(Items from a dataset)

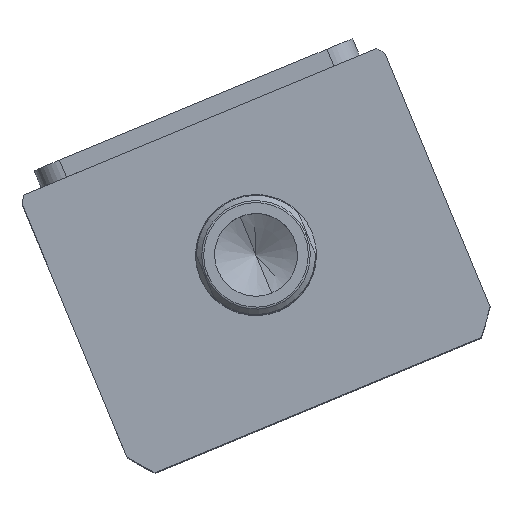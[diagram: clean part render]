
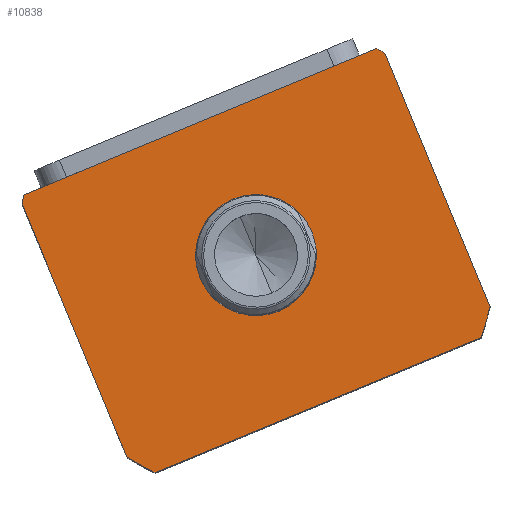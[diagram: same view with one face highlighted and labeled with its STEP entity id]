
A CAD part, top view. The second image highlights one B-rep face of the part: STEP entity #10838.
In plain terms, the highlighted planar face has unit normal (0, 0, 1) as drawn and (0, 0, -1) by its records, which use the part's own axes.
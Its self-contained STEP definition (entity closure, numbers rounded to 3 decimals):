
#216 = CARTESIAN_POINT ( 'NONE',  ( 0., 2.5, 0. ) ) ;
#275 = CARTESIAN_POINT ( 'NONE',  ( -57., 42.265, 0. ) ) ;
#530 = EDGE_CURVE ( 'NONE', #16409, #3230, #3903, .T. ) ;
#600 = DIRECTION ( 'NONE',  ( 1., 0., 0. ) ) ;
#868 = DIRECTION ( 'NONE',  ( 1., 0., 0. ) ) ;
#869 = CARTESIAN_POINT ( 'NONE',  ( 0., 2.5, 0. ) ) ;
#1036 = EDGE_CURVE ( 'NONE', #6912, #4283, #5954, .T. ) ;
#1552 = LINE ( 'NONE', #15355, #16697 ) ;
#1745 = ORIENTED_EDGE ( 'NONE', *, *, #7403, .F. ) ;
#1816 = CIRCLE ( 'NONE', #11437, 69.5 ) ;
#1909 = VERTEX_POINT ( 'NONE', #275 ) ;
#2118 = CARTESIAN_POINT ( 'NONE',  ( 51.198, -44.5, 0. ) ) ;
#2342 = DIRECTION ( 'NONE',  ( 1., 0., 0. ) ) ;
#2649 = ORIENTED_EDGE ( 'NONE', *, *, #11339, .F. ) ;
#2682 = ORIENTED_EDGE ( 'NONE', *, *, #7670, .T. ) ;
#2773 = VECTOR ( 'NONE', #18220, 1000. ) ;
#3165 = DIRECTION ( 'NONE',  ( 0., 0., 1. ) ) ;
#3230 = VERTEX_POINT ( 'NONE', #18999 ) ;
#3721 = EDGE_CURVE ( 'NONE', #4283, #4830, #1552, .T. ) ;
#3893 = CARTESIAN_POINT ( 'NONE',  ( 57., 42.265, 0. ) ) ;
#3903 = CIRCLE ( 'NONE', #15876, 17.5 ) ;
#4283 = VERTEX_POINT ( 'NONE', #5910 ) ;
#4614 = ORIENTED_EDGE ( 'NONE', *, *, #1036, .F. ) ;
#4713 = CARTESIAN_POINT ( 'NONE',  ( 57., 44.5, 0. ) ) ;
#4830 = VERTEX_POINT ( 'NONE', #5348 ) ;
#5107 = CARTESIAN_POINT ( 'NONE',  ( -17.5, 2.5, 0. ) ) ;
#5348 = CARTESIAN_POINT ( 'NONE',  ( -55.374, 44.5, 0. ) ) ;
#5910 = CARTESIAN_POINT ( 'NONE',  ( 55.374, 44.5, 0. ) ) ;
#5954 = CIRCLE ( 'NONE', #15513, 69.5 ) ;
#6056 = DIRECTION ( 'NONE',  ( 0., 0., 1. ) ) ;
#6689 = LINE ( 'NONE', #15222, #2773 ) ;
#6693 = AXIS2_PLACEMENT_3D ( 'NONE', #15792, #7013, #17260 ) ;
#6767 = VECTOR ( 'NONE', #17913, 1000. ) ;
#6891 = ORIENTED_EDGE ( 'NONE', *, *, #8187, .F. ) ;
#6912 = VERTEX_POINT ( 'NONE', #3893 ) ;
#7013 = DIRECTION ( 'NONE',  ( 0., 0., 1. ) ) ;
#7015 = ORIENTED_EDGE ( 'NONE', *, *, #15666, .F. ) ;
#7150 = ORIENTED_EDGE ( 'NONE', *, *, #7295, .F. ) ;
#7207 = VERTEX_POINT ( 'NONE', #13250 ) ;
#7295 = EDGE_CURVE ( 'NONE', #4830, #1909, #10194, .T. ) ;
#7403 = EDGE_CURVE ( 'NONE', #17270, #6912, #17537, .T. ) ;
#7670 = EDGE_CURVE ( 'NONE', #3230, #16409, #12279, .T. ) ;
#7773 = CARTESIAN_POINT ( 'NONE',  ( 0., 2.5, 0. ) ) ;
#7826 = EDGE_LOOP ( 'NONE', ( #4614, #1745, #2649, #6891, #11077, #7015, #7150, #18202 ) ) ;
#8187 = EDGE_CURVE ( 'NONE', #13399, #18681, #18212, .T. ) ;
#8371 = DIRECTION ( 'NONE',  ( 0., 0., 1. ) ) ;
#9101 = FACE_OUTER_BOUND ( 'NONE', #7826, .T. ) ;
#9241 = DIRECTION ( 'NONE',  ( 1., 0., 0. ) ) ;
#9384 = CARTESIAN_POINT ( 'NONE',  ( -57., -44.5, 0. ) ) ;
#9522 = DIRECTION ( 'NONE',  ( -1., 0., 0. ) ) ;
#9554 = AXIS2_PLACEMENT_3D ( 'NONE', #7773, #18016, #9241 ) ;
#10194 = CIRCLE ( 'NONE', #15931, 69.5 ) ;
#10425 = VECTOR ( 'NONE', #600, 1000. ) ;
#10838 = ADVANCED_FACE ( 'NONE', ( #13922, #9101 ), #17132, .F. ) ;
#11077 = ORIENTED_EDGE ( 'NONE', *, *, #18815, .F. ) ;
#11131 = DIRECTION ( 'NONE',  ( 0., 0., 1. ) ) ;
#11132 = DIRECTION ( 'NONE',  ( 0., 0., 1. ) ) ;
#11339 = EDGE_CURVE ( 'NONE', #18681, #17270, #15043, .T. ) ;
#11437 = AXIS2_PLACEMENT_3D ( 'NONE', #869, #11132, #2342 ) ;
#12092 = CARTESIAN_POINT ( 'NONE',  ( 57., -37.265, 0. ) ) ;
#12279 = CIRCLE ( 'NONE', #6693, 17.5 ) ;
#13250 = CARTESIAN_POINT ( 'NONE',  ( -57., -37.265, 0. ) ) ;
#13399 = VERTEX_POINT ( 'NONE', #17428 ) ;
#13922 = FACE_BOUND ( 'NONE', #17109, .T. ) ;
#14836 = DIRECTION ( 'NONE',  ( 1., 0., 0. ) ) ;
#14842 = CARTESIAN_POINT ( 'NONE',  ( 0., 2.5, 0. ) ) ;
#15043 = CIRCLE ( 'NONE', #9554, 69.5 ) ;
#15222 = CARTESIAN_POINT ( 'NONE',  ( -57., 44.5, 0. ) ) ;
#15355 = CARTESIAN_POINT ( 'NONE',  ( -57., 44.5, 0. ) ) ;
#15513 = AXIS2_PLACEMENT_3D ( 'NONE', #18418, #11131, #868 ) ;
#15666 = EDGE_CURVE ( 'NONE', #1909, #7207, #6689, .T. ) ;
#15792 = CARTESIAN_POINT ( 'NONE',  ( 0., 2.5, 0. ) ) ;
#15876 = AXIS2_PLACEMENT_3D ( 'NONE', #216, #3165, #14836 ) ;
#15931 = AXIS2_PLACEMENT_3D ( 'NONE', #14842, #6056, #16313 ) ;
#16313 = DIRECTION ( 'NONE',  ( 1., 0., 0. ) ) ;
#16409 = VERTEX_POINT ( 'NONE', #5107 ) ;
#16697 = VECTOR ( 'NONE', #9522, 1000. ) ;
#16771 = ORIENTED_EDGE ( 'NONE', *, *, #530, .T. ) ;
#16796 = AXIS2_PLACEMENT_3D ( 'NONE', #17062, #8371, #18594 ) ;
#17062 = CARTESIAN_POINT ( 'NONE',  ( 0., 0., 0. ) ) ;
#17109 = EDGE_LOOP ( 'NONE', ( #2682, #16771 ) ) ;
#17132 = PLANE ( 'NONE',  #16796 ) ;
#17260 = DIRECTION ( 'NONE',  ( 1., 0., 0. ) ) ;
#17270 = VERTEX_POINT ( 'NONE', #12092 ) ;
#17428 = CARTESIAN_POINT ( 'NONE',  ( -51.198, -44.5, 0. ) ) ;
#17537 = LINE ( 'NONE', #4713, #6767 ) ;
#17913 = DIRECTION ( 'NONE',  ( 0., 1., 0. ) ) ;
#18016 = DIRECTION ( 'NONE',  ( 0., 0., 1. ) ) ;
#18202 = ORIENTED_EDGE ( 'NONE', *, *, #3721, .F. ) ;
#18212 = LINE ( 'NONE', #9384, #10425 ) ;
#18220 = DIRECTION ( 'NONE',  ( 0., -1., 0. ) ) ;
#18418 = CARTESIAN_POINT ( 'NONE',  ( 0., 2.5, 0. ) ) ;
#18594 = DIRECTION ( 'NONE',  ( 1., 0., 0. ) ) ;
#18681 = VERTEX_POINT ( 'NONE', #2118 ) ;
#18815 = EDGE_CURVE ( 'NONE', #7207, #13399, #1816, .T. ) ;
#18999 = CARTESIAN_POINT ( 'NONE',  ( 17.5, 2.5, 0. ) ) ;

* _Exercise directions_
Could you restate word for word the lines above from the one containing "#7013 = DIRECTION" through the one containing "#12092 = CARTESIAN_POINT", both included, and nothing else?

* _Solution to the problem_
#7013 = DIRECTION ( 'NONE',  ( 0., 0., 1. ) ) ;
#7015 = ORIENTED_EDGE ( 'NONE', *, *, #15666, .F. ) ;
#7150 = ORIENTED_EDGE ( 'NONE', *, *, #7295, .F. ) ;
#7207 = VERTEX_POINT ( 'NONE', #13250 ) ;
#7295 = EDGE_CURVE ( 'NONE', #4830, #1909, #10194, .T. ) ;
#7403 = EDGE_CURVE ( 'NONE', #17270, #6912, #17537, .T. ) ;
#7670 = EDGE_CURVE ( 'NONE', #3230, #16409, #12279, .T. ) ;
#7773 = CARTESIAN_POINT ( 'NONE',  ( 0., 2.5, 0. ) ) ;
#7826 = EDGE_LOOP ( 'NONE', ( #4614, #1745, #2649, #6891, #11077, #7015, #7150, #18202 ) ) ;
#8187 = EDGE_CURVE ( 'NONE', #13399, #18681, #18212, .T. ) ;
#8371 = DIRECTION ( 'NONE',  ( 0., 0., 1. ) ) ;
#9101 = FACE_OUTER_BOUND ( 'NONE', #7826, .T. ) ;
#9241 = DIRECTION ( 'NONE',  ( 1., 0., 0. ) ) ;
#9384 = CARTESIAN_POINT ( 'NONE',  ( -57., -44.5, 0. ) ) ;
#9522 = DIRECTION ( 'NONE',  ( -1., 0., 0. ) ) ;
#9554 = AXIS2_PLACEMENT_3D ( 'NONE', #7773, #18016, #9241 ) ;
#10194 = CIRCLE ( 'NONE', #15931, 69.5 ) ;
#10425 = VECTOR ( 'NONE', #600, 1000. ) ;
#10838 = ADVANCED_FACE ( 'NONE', ( #13922, #9101 ), #17132, .F. ) ;
#11077 = ORIENTED_EDGE ( 'NONE', *, *, #18815, .F. ) ;
#11131 = DIRECTION ( 'NONE',  ( 0., 0., 1. ) ) ;
#11132 = DIRECTION ( 'NONE',  ( 0., 0., 1. ) ) ;
#11339 = EDGE_CURVE ( 'NONE', #18681, #17270, #15043, .T. ) ;
#11437 = AXIS2_PLACEMENT_3D ( 'NONE', #869, #11132, #2342 ) ;
#12092 = CARTESIAN_POINT ( 'NONE',  ( 57., -37.265, 0. ) ) ;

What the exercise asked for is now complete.